Initial: lower total cancer and prostate cancer incidence and all-cause mortality among men only; increased incidence of skin cancer among women only

Later: no evidence of protective effects in men or harmful effects in women within 5 years of ending supplementation

Heart Outcomes Prevention Evaluation–The Ongoing Outcomes (HOPE–TOO) Study, International (23) Daily supplementation with alpha-tocopherol (400 IU) for a median of 7 years People diagnosed with cardiovascular disease or diabetes No effect on cancer incidence, death from cancer, or the incidence of major cardiovascular events
Selenium and Vitamin E Cancer Prevention Trial (SELECT), United States (24, 25) Daily supplementation with selenium (200 µg), vitamin E (400 IU), or both Men ages 50 and older

Initial: no reduction in incidence of prostate or other cancers—trial stopped early

Later: more prostate cancer cases among those who took vitamin E alone
Physicians' Health Study II (PHS II), United States (26) 400 IU vitamin E every other day, 500 mg vitamin C every day, or a combination of the two Male physicians ages 50 years and older No reduction in incidence of prostate cancer or other cancers


Overall, these nine randomized controlled clinical trials did not provide evidence that dietary antioxidant supplements are beneficial in primary cancer prevention. In addition, a systematic review of the available evidence regarding the use of vitamin and mineral supplements for the prevention of chronic diseases, including cancer, conducted for the United States Preventive Services Task Force (USPSTF) likewise found no clear evidence of benefit in preventing cancer (27).


It is possible that the lack of benefit in clinical studies can be explained by differences in the effects of the tested antioxidants when they are consumed as purified chemicals as opposed to when they are consumed in foods, which contain complex mixtures of antioxidants, vitamins, and minerals (3). Therefore, acquiring a more complete understanding of the antioxidant content of individual foods, how the various antioxidants and other substances in foods interact with one another, and factors that influence the uptake and distribution of food-derived antioxidants in the body are active areas of ongoing cancer prevention research.
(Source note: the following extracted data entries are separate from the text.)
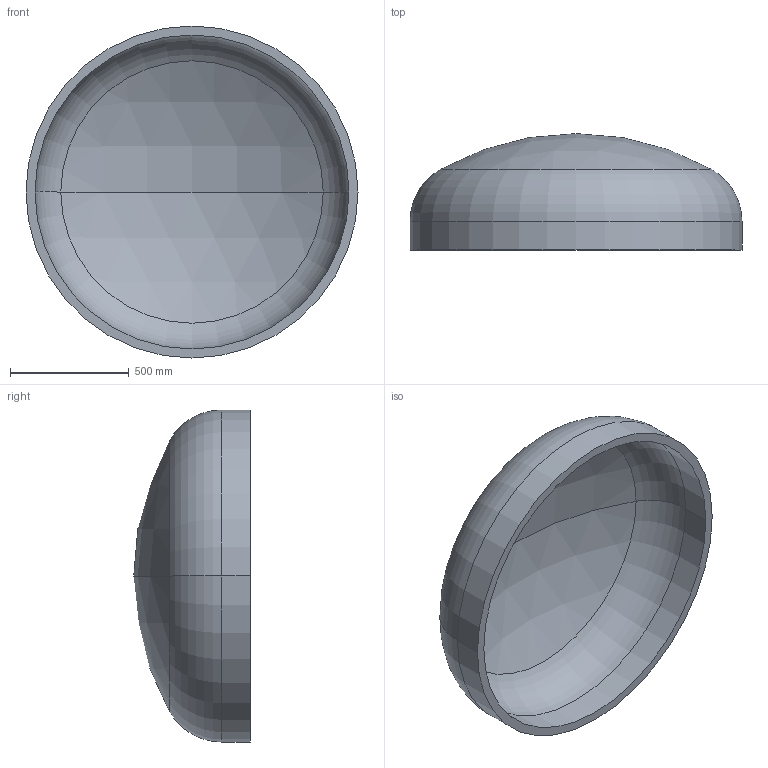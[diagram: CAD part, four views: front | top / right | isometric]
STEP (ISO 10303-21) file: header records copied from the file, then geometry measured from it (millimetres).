
FILE_DESCRIPTION (( 'STEP AP203' ), '1' );
FILE_NAME ('DIN 28013 Korbbogenform_-_Boden DIN 28013 - 1400 x 120 - I - s=38.step', '2016-07-01T10:16:47', ( '' ), ( '' ), 'SwSTEP 2.0', 'SolidWorks 2013', '' );
FILE_SCHEMA (( 'CONFIG_CONTROL_DESIGN' ));
Length unit declared in the file: millimetre
Products named in the file (1): DIN 28013 Korbbogenform_-_Boden DIN 28013 - 1400 x 120 - I - s=38
Bounding box: 1400 x 491.1 x 1400 mm (x, y, z)
Volume: 97655884.1 mm3; surface area: 5305402.5 mm2
Topology: 1 solids, 1 shells, 13 faces, 24 edges, 14 vertices
Faces by surface type: torus 4, cylinder 4, sphere 4, plane 1
Entity records: 407 total; most frequent: DIRECTION 72, CARTESIAN_POINT 52, ORIENTED_EDGE 48, AXIS2_PLACEMENT_3D 34, EDGE_CURVE 24, CIRCLE 20, VERTEX_POINT 14, EDGE_LOOP 14

Should people already diagnosed with cancer take antioxidant supplements?

Several randomized controlled trials, some including only small numbers of patients, have investigated whether taking antioxidant supplements during cancer treatment alters the effectiveness or reduces the toxicity of specific therapies (28). Although these trials had mixed results, some found that people who took antioxidant supplements during cancer therapy had worse outcomes, especially if they were smokers.

In some preclinical studies, antioxidants have been found to promote tumor growth and metastasis in tumor-bearing mice and to increase the ability of circulating tumor cells to metastasize (2931). Until more is known about the effects of antioxidant supplements in cancer patients, these supplements should be used with caution. Cancer patients should inform their doctors about their use of any dietary supplement.